From this record, it is apparent to us that the actual recordation of the Act of Adoption in Jefferson (and Orleans) Parish was accomplished by the notary and attorney who prepared same, albeit at times more than a little removed from the date of the Act itself.
On this issue, we are in disagreement with the trial court’s categorization of that registration as “a vain and useless thing” simply because the registration was accomplished after the interdiction.
At least for the purpose of determining the correctness of the summary judgment, and, limited only to that consideration, we conclude that the registration of an otherwise regular act of adoption subsequent to the interdiction of the adopter is not nullified by LSA-C.C. Article 401.
Furthermore, there is no statutory or jurisprudential rule which mandates registration of the act of adoption at any particular time. Nor is there any clear indication that the time within which the recordation takes place (if, indeed, it is required) need be “reasonable.” Finally, there is certainly no authority for the gratuitous imposition of a specific number of days upon which to make the ultimate determination of reasonableness where the legislature, itself, has chosen not to be definitive.
Accordingly, it is now ordered that the motion for summary judgment be and the same is hereby overruled, and this matter is remanded to the Civil District Court for the Parish of Orleans for further proceedings not inconsistent with this holding. Costs of this appeal are taxed against the appellees.
REVERSED AND REMANDED.
. Mr. Pfister, the adoptee, and Ernest J. Hes-sler, as representative of the Register of Conveyances in the Parish of Orleans, were made defendants in this matter.
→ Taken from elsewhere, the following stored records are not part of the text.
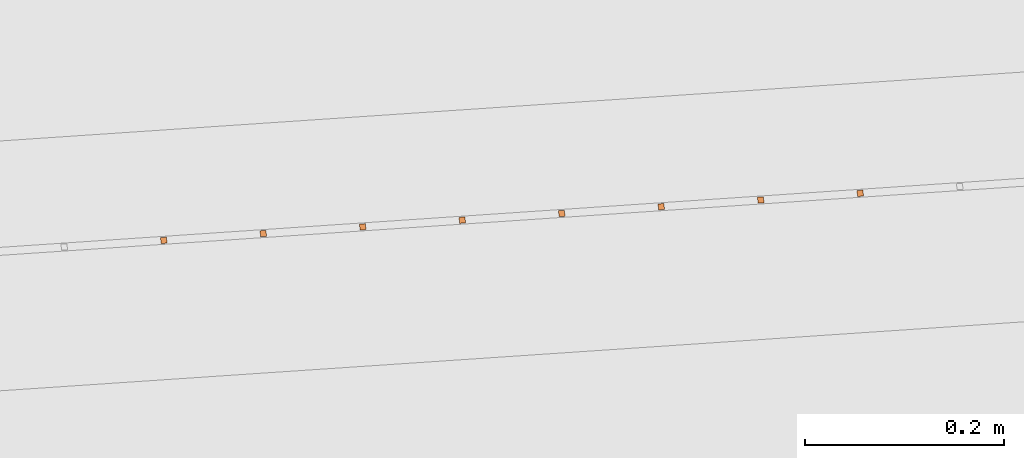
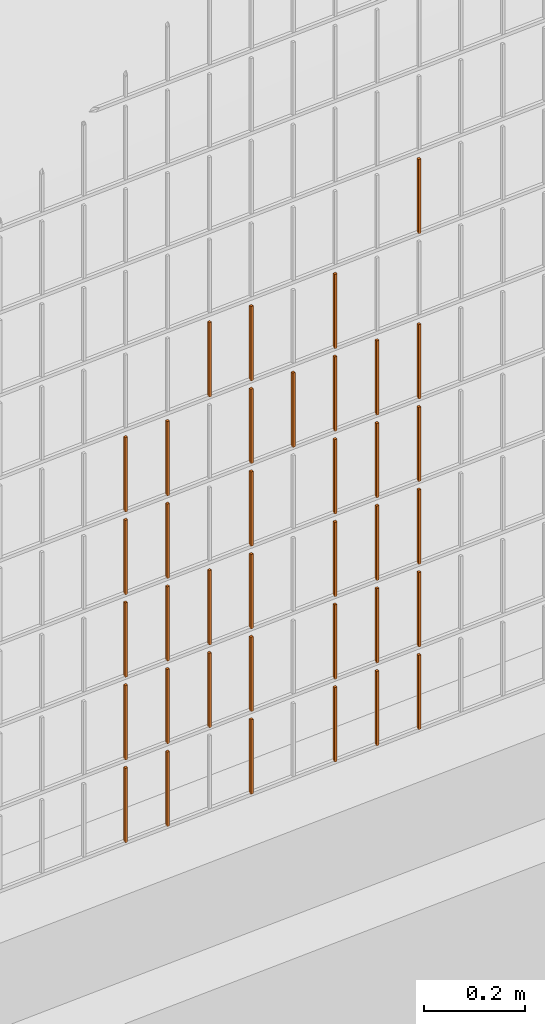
# One storey, part 205 of 1809: 37 proxies, 1 element without a shape of its own.
"""IFC2X3 building model written with IfcOpenShell, lengths in millimetres."""

from ifc_helpers import new_model, entity, si_unit, converted_unit, derived_unit, money_unit, direction, frame, origin_with_axes, place, context, subcontext, project, spatial, faceted_brep, source, transform, mapped, material, type_object, element, aggregate, save


model = new_model("IFC2X3")

# Units and contexts
model_context = context("Model", 3, precision=0.01, world=origin_with_axes(), true_north=direction((0.0, 1.0)))
body_context = subcontext(model_context, "Body", "Model", "MODEL_VIEW")
ifc_project = project(units=[si_unit("LENGTHUNIT", "METRE", prefix="MILLI"), si_unit("AREAUNIT", "SQUARE_METRE"), si_unit("VOLUMEUNIT", "CUBIC_METRE"), converted_unit("PLANEANGLEUNIT", "DEGREE", entity("IfcPlaneAngleMeasure", 0.0174532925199), si_unit("PLANEANGLEUNIT", "RADIAN"), dimensions=[0, 0, 0, 0, 0, 0, 0]), si_unit("SOLIDANGLEUNIT", "STERADIAN"), money_unit("EUR"), converted_unit("TIMEUNIT", "Year", entity("IfcTimeMeasure", 31556926.0), si_unit("TIMEUNIT", "SECOND"), dimensions=[0, 0, 1, 0, 0, 0, 0]), si_unit("MASSUNIT", "GRAM", prefix="KILO"), si_unit("THERMODYNAMICTEMPERATUREUNIT", "DEGREE_CELSIUS"), si_unit("LUMINOUSINTENSITYUNIT", "LUMEN"), si_unit("ENERGYUNIT", "JOULE", prefix="MEGA"), derived_unit("THERMALCONDUCTANCEUNIT", [(si_unit("POWERUNIT", "WATT"), 1), (si_unit("LENGTHUNIT", "METRE"), -1), (si_unit("THERMODYNAMICTEMPERATUREUNIT", "KELVIN"), -1)]), derived_unit("SPECIFICHEATCAPACITYUNIT", [(si_unit("ENERGYUNIT", "JOULE"), 1), (si_unit("MASSUNIT", "GRAM", prefix="KILO"), -1), (si_unit("THERMODYNAMICTEMPERATUREUNIT", "KELVIN"), -1)]), derived_unit("MASSDENSITYUNIT", [(si_unit("MASSUNIT", "GRAM", prefix="KILO"), 1), (si_unit("VOLUMEUNIT", "CUBIC_METRE"), -1)])], contexts=[model_context])

# Site, building, storey
site_placement = place(None, origin_with_axes())
site = spatial("IfcSite", under=ifc_project, at=site_placement, Name="Politse- ja Piirivalveameti ning Päästeameti ühishoone", CompositionType="ELEMENT")
building_placement = place(site_placement, origin_with_axes())
building = spatial("IfcBuilding", under=site, at=building_placement, Name="Politse- ja Piirivalveameti ning Päästeameti ühishoone", CompositionType="ELEMENT")
storey_placement = place(building_placement, origin_with_axes())
storey = spatial("IfcBuildingStorey", under=building, at=storey_placement, Name="Esimene korrus", CompositionType="ELEMENT", Elevation=0.0)

# Proxies
building_element_proxy_type_1 = type_object("IfcBuildingElementProxyType", Name="Railing Type", PredefinedType="NOTDEFINED")
proxy_1_placement = place(storey_placement, frame((89252.001212, -29183.4766571, 203.661247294), z_axis=(0.0, 0.0, 1.0), x_axis=(1.0, 0.0, 0.0)))
proxy_1 = element("IfcBuildingElementProxy", 1, at=proxy_1_placement, inside=storey, type_object=building_element_proxy_type_1, Name="PIIRDEAED")
ifc_material = material(Name="ET-03_Raud")
building_element_proxy_type_2 = type_object("IfcBuildingElementProxyType", Name="IfcBuildingElementProxy", PredefinedType="NOTDEFINED")
shared_shape_1 = source(origin_with_axes(), body_context, "Body", "Brep", [
    faceted_brep([(3.0, 3.0, -0.000752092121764), (-3.0, 3.0, -0.000752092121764), (-3.0, 3.0, 179.99926046), (3.0, 3.0, 179.99926046), (3.0, -3.0, 0.000752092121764), (-3.0, -3.0, 0.000752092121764), (-3.0, -3.0, 180.000764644), (3.0, -3.0, 180.000764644)], [[[0, 1, 2, 3]], [[0, 4, 5, 1]], [[1, 5, 6, 2]], [[3, 2, 6, 7]], [[4, 0, 3, 7]], [[5, 4, 7, 6]]]),
])
proxy_2_placement = place(proxy_1_placement, frame((-63282.489312, -21572.2680951, 11.3334813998), z_axis=(0.0, 0.0, 1.0), x_axis=(1.0, 0.0, 0.0)))
proxy_2 = element("IfcBuildingElementProxy", 2, at=proxy_2_placement, type_object=building_element_proxy_type_2, material=ifc_material, Name="BALUSTER - 001", context=body_context, shape_type="MappedRepresentation", body=[
    mapped(shared_shape_1, transform((0.0, 0.0, 0.0), x_axis=(-0.0673926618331, 0.997726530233, 0.0), y_axis=(-0.997726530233, -0.0673926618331, 0.0), z_axis=(0.0, 0.0, 1.0))),
])
shared_shape_2 = source(origin_with_axes(), body_context, "Body", "Brep", [
    faceted_brep([(3.0, 3.0, -0.000752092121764), (-3.0, 3.0, -0.000752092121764), (-3.0, 3.0, 179.99926046), (3.0, 3.0, 179.99926046), (3.0, -3.0, 0.000752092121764), (-3.0, -3.0, 0.000752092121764), (-3.0, -3.0, 180.000764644), (3.0, -3.0, 180.000764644)], [[[0, 1, 2, 3]], [[0, 4, 5, 1]], [[1, 5, 6, 2]], [[3, 2, 6, 7]], [[4, 0, 3, 7]], [[5, 4, 7, 6]]]),
])
proxy_3_placement = place(proxy_1_placement, frame((-63282.489312, -21572.2680951, 211.3334814), z_axis=(0.0, 0.0, 1.0), x_axis=(1.0, 0.0, 0.0)))
proxy_3 = element("IfcBuildingElementProxy", 3, at=proxy_3_placement, type_object=building_element_proxy_type_2, material=ifc_material, Name="BALUSTER - 001", context=body_context, shape_type="MappedRepresentation", body=[
    mapped(shared_shape_2, transform((0.0, 0.0, 0.0), x_axis=(-0.0673926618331, 0.997726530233, 0.0), y_axis=(-0.997726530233, -0.0673926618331, 0.0), z_axis=(0.0, 0.0, 1.0))),
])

. Mr. Duett is married to a niece of the deceased, Mr. Walter F. Poynot. He initiated the interdiction proceeding in behalf of other Poy-not family members.
.Mr. Guidry, in addition to his duties as co-curator of the interdict, Mrs. Poynot, is the dative testamentary executor of the estate of the deceased, Mr. Walter F. Poynot.
. Interestingly, this “split” is reflected in two law review articles. Compare Walter J. Wa-dlington, III, “Adoption of Adults in Louisiana,” 40 Tul.L.Rev. 1, 14 (1965), which supports the D’Asaro strict constructionist approach, with Note, “Adoption — Requirement of Recordation,” XXVI La.L.Rev. 143 (1965), which criticizes, as hypertechnical, the holding in D’Asaro requiring recordation.